▶ **Activity**
Every line below that carries the word "first" needs to be copied.

▶ **Provided information**
════════════════

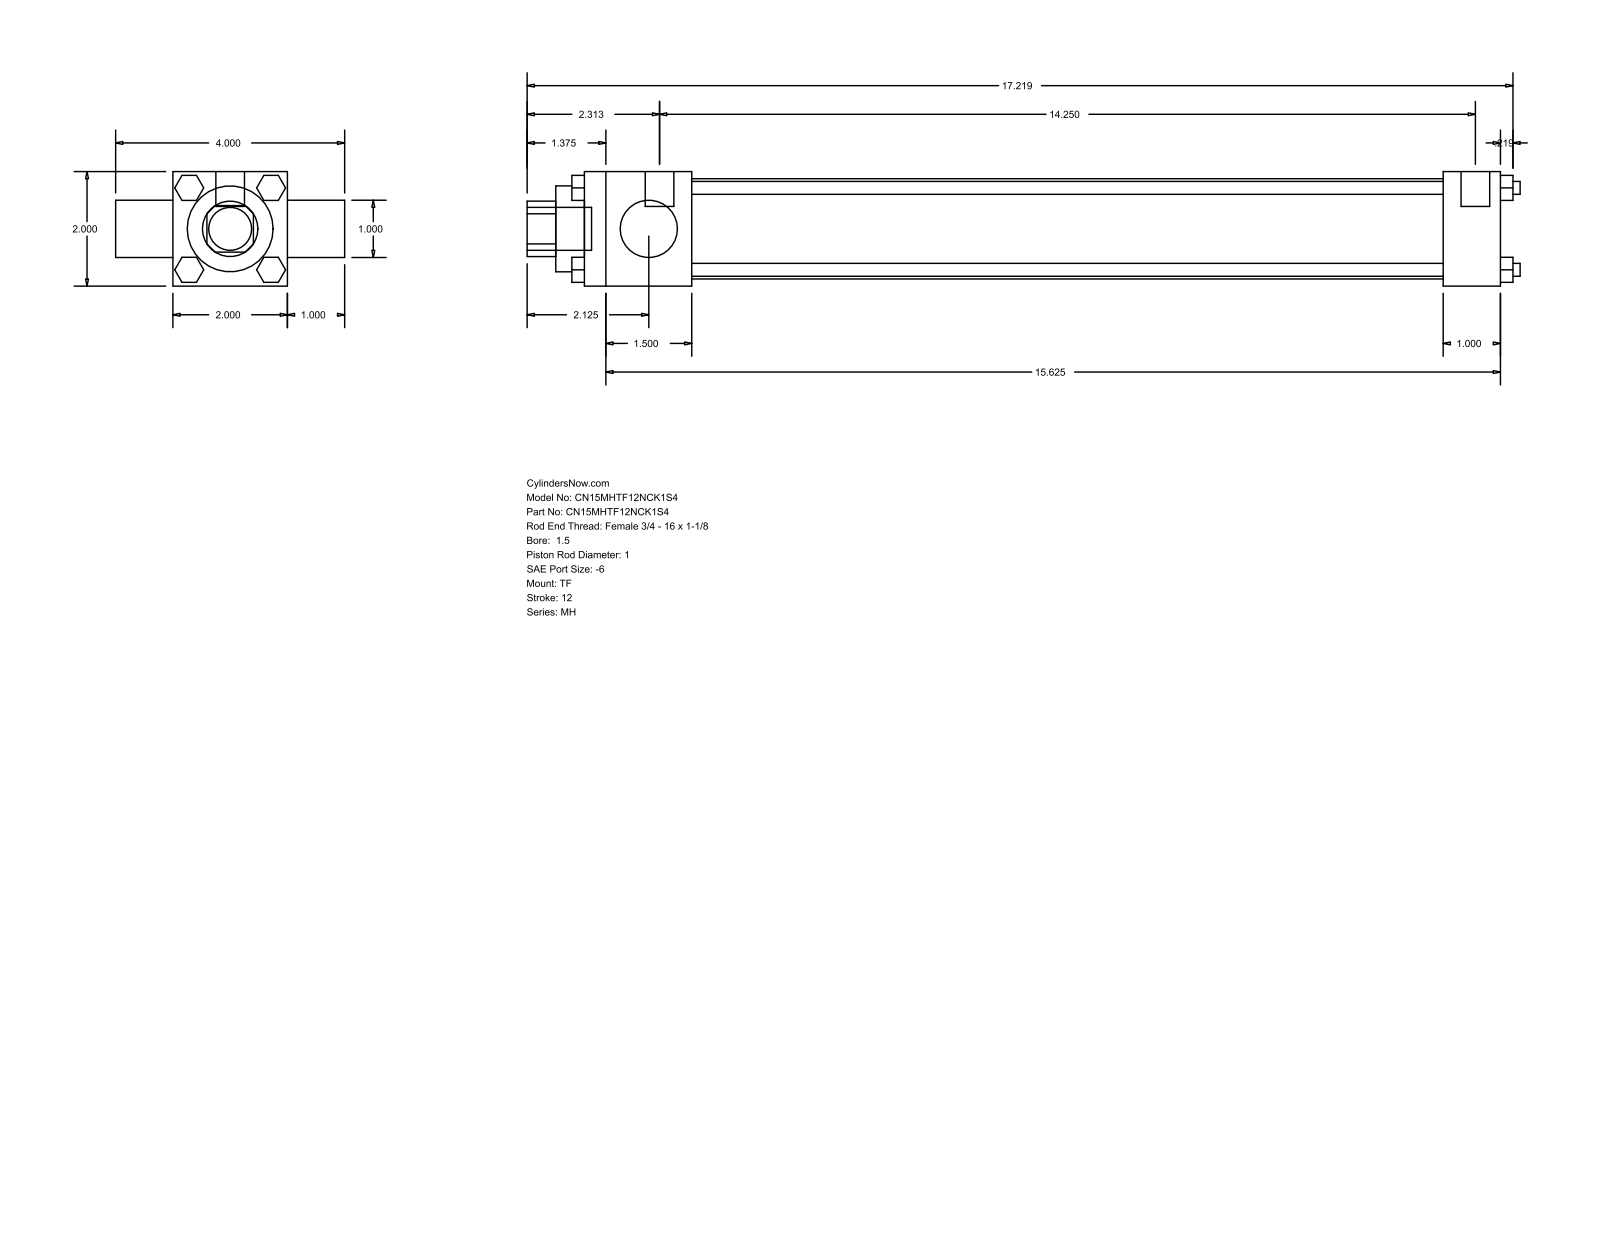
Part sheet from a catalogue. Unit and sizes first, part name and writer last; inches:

════════════════

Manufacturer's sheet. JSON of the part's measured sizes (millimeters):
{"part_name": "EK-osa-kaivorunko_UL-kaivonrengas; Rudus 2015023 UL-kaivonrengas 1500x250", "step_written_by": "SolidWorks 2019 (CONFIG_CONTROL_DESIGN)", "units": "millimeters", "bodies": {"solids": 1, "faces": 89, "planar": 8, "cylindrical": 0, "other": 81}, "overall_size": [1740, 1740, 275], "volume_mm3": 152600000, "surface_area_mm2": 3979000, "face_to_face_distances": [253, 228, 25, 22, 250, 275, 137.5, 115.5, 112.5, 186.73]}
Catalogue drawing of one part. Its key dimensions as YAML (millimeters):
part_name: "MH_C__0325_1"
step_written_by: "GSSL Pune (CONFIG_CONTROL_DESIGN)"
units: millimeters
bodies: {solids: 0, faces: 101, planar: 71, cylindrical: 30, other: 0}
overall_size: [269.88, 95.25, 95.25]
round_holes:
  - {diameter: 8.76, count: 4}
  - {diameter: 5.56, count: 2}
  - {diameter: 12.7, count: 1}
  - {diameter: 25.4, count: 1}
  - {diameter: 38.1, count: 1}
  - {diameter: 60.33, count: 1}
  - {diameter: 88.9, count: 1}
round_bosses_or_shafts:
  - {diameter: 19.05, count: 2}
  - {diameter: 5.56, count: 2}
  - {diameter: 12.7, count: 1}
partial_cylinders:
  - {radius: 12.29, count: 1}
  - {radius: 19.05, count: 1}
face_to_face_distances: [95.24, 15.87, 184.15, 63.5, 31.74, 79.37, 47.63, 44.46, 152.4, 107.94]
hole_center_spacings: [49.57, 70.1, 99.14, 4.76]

════════════════

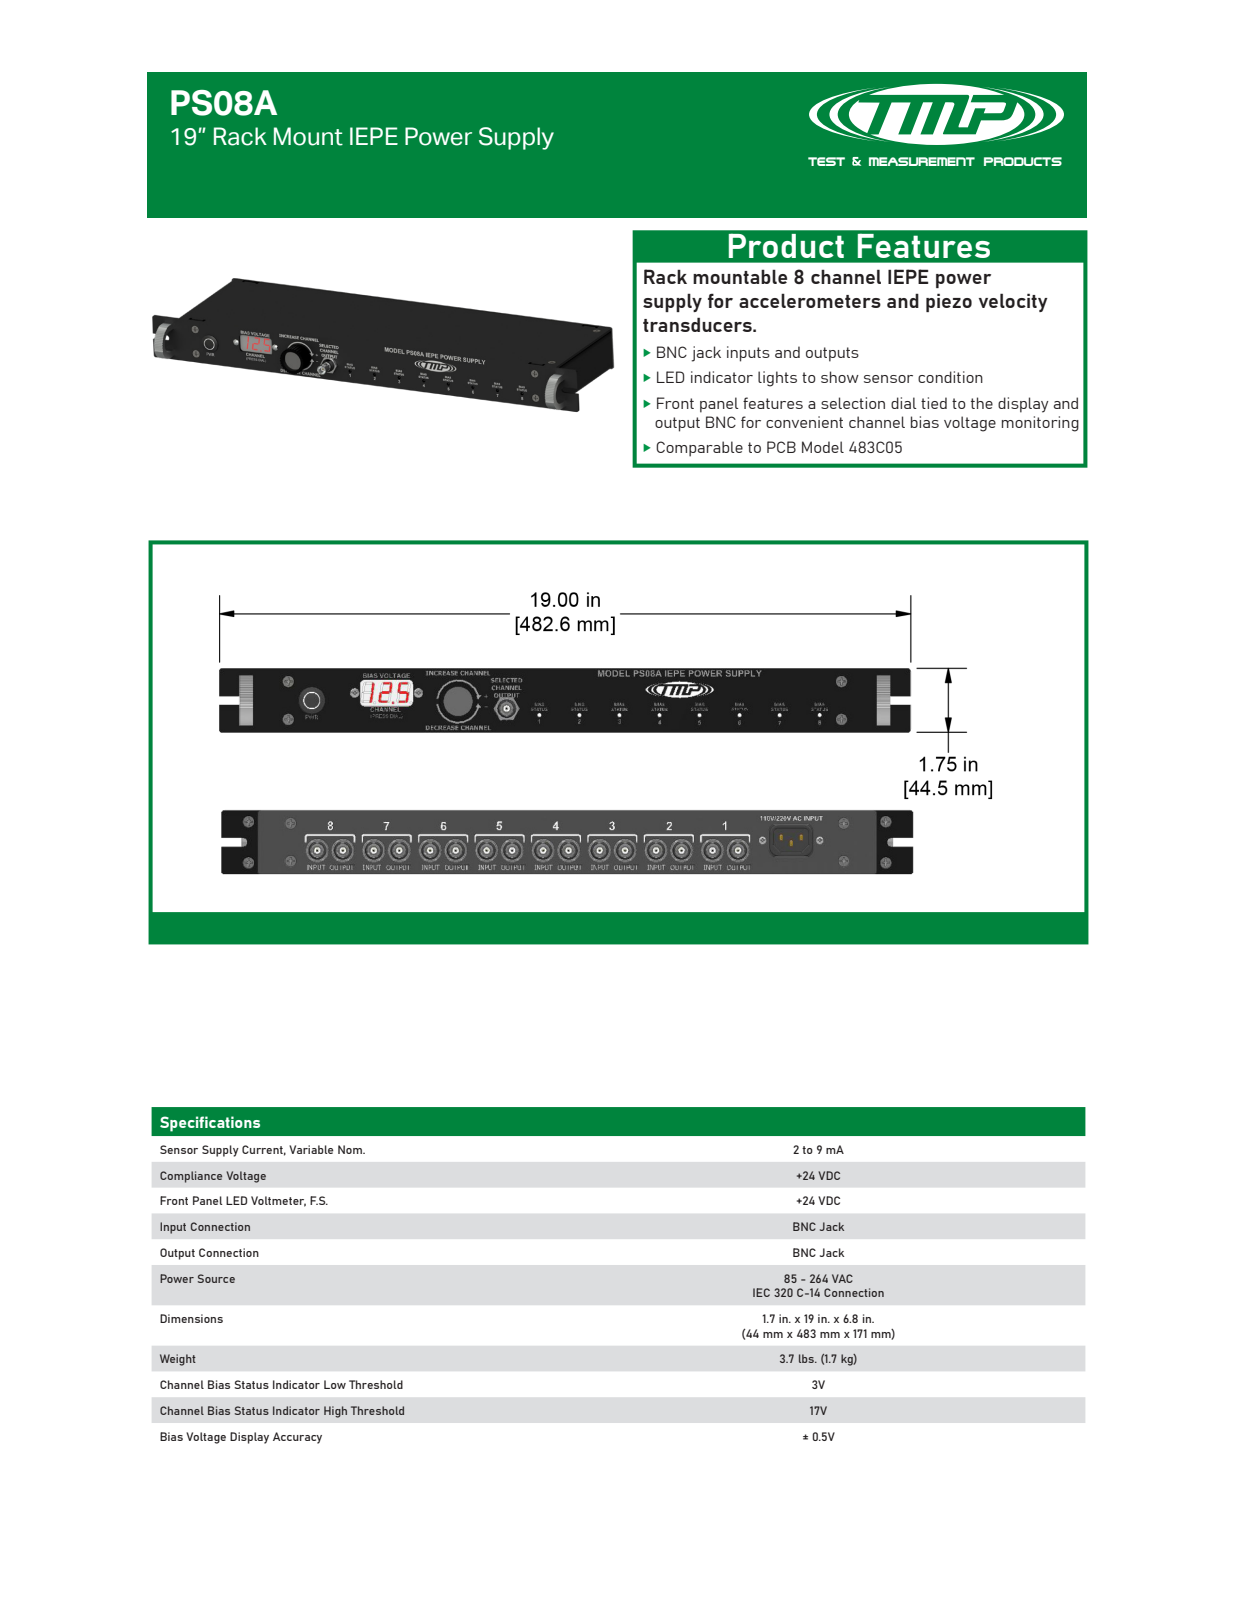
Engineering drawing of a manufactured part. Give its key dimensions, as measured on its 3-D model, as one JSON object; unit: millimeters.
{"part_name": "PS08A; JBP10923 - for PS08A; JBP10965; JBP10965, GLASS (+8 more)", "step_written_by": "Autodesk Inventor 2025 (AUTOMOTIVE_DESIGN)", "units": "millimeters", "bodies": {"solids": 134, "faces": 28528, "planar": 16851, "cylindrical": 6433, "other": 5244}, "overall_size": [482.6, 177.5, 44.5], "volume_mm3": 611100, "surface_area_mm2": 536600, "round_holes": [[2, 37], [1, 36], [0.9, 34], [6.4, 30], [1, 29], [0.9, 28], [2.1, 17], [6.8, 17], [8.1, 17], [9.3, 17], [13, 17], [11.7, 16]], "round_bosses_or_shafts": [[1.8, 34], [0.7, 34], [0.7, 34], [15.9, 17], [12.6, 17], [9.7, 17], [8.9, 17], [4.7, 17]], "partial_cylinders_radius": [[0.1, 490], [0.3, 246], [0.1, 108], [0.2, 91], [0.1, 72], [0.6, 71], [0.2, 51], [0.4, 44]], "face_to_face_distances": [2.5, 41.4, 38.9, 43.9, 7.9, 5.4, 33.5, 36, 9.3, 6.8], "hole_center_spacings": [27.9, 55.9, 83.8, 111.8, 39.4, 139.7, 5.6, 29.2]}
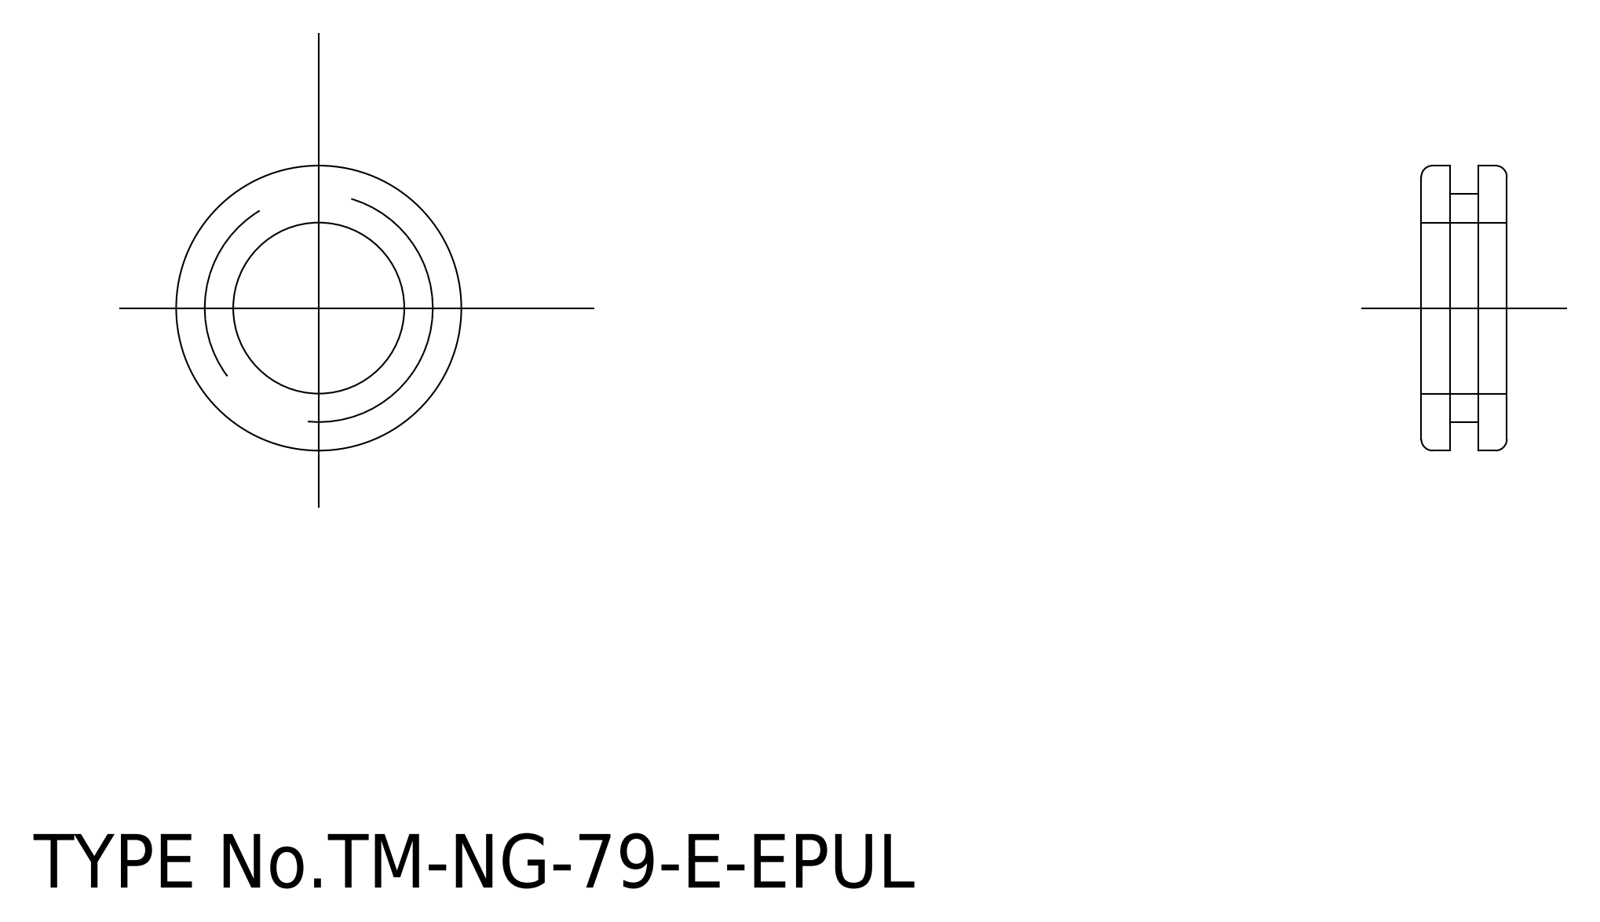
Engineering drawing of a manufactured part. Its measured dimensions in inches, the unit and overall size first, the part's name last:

════════════════

▶ **Written solution**
Part sheet from a catalogue. Unit and sizes first, part name and writer last; inches:
Engineering drawing of a manufactured part. Its measured dimensions in inches, the unit and overall size first, the part's name last:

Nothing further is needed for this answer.